We shall address these questions seriatim.

I. Is GHA a "Health Care Provider?"

Section 3-2A-01 (e) of the Health Care Malpractice Claims Act defines "health care provider" as follows:

"`Health care provider' means a hospital, a related institution as defined in § 19-301 of the Health-General Article, a physician, an osteopath, an optometrist, a chiropractor, a registered or licensed practical nurse, a dentist, a podiatrist, and a physical therapist, licensed or authorized to provide one or more health care services in Maryland."

"Related institution," as defined in § 19-301 (j) of the Health-General Article,

"means an organized institution, environment, or home that:
(i) Maintains conditions or facilities and equipment to provide domiciliary, personal, or nursing care for 2 or more unrelated individuals who are dependent on the administrator, operator, or proprietor for nursing care or the subsistence of daily living in a safe, sanitary, and healthful environment; and
(ii) Admits or retains the individuals for overnight care."

Under the statutory definition of an HMO, supra n. 1, it is neither a hospital nor a related institution. Consequently, it is clear from the plain meaning of the Health Care Malpractice Claims Act that an HMO, itself, is not included within the definition of health care provider.

*111 II. Is the Blumenthals' claim against GHA subject to mandatory arbitration?

Notwithstanding that GHA is not a "health care provider," the Blumenthals' claim against GHA falls within the provisions of the Health Care Malpractice Claims Act. Therefore the claim is subject to mandatory arbitration.

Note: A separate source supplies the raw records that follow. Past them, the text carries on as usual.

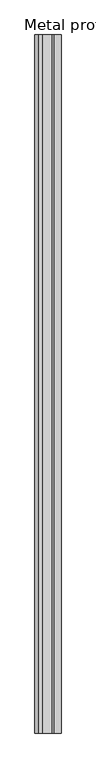
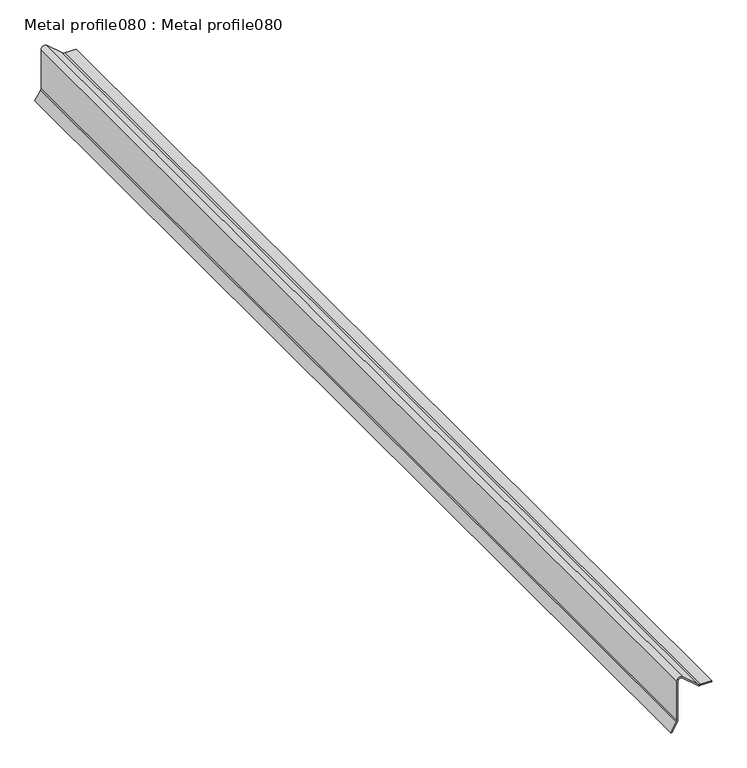
"""IFC4 building model written with IfcOpenShell, lengths in millimetres: proxy geometry, Metal profile080 : Metal profile080."""

from ifc_helpers import new_model, si_unit, point, frame, frame_2d, origin, place, context, project, spatial, polyline, circle_curve, trimmed, segment, composite_curve, outline, extrude, source, transform, mapped, element, save


def metal_profile080_metal_profile080_1098f815(model_context):
    return source(origin(), model_context, "Body", "SweptSolid", [
        extrude(outline(composite_curve([segment(trimmed(circle_curve(frame_2d((40173.6742187, -7212.8179539)), 6.35), [point((40167.3242187, -7212.8179539))], [point((40168.8617194, -7216.9607006))], True, "CARTESIAN"), True, "CONTINUOUS"), segment(polyline([(40168.8617194, -7216.9607006), (40193.006585, -7245.0090359)]), True, "CONTINUOUS"), segment(trimmed(circle_curve(frame_2d((40188.1940856, -7249.1517826)), 6.35), [point((40193.006585, -7245.0090359))], [point((40188.1940856, -7255.5017826))], False, "CARTESIAN"), True, "CONTINUOUS"), segment(polyline([(40188.1940856, -7255.5017826), (40113.9784377, -7255.5017826)]), True, "CONTINUOUS"), segment(trimmed(circle_curve(frame_2d((40113.9784377, -7261.8517826)), 6.35), [point((40113.9784377, -7255.5017826))], [point((40110.6358579, -7256.4527401))], True, "CARTESIAN"), True, "CONTINUOUS"), segment(polyline([(40110.6358579, -7256.4527401), (40093.8632812, -7266.8367435), (40092.8105002, -7265.1362577), (40109.5830768, -7254.7522542)]), True, "CONTINUOUS"), segment(trimmed(circle_curve(frame_2d((40113.9784377, -7261.8517826)), 8.35), [point((40109.5830768, -7254.7522542))], [point((40113.9784377, -7253.5017826))], False, "CARTESIAN"), True, "CONTINUOUS"), segment(polyline([(40113.9784377, -7253.5017826), (40188.1940856, -7253.5017826)]), True, "CONTINUOUS"), segment(trimmed(circle_curve(frame_2d((40188.1940856, -7249.1517826)), 4.35), [point((40188.1940856, -7253.5017826))], [point((40191.4908371, -7246.313838))], True, "CARTESIAN"), True, "CONTINUOUS"), segment(polyline([(40191.4908371, -7246.313838), (40167.3459716, -7218.2655027)]), True, "CONTINUOUS"), segment(trimmed(circle_curve(frame_2d((40173.6742187, -7212.8179539)), 8.35), [point((40167.3459716, -7218.2655027))], [point((40165.3242187, -7212.8179539))], False, "CARTESIAN"), True, "CONTINUOUS"), segment(polyline([(40165.3242187, -7212.8179539), (40165.3242188, -7191.8504154), (40167.3242187, -7191.8504154), (40167.3242187, -7212.8179539)]), True, "CONTINUOUS")], self_intersect=False)), frame((0.0, 7982.1531721, 0.0), z_axis=(0.0, 1.0, 0.0), x_axis=(0.0, 0.0, 1.0)), (0.0, 0.0, 1.0), 2000.0),
    ])


if __name__ == "__main__":
    model = new_model("IFC4")
    model_context = context("Model", 3, world=origin())
    ifc_project = project(units=[si_unit("LENGTHUNIT", "METRE", prefix="MILLI")], contexts=[model_context])
    site = spatial("IfcSite", under=ifc_project)
    building = spatial("IfcBuilding", under=site)
    placement = place(None, origin())
    metal_profile080_metal_profile080_shape = metal_profile080_metal_profile080_1098f815(model_context)
    element("IfcBuildingElementProxy", 1, Name="Metal profile080 : Metal profile080", ObjectType="Metal profile080 : Metal profile080", at=placement, inside=building, context=model_context, shape_type="MappedRepresentation", body=[
        mapped(metal_profile080_metal_profile080_shape, transform((0.0, 0.0, 0.0), x_axis=(1.0, 0.0, 0.0), y_axis=(0.0, 1.0, 0.0), z_axis=(0.0, 0.0, 1.0))),
    ])
    save(model, "model.ifc")

# Revit data of these elements
# Type "Metal profile080 : Metal profile080"
#   NameOverride = "Metal profile080"
# Element 1 (IfcBuildingElementProxy, "Metal profile080 : Metal profile080")
#   Materials on its faces: "ANGLE TRIM"
# Materials
#   "ANGLE TRIM": class "Unassigned", colour RGB 250 255 0, transparency 0

The Blumenthals do not allege that GHA itself was negligent; instead, the complaint against GHA is based on the doctrine of respondeat superior. Simply stated, the Blumenthals hope to prove that Dr. Barrows and other GHA employees were negligent in treating Mrs. Blumenthal, and that GHA as their employer is vicariously liable for that negligence.

The mandatory arbitration provisions in § 3-2A-02 (a) of the Health Care Malpractice Claims Act apply to "[a]ll claims, suits, and actions, including cross claims, third-party claims, ... by a person against a health care provider." GHA asks us to construe this provision so that any claim based on the malpractice of a health care provider will be subject to arbitration. Essentially, GHA asserts that the word "claims" is broader than "suits" or "actions" and should be so interpreted. The Blumenthals, on the other hand, contend that the word "claims" in the Act refers only to cross claims and third-party claims.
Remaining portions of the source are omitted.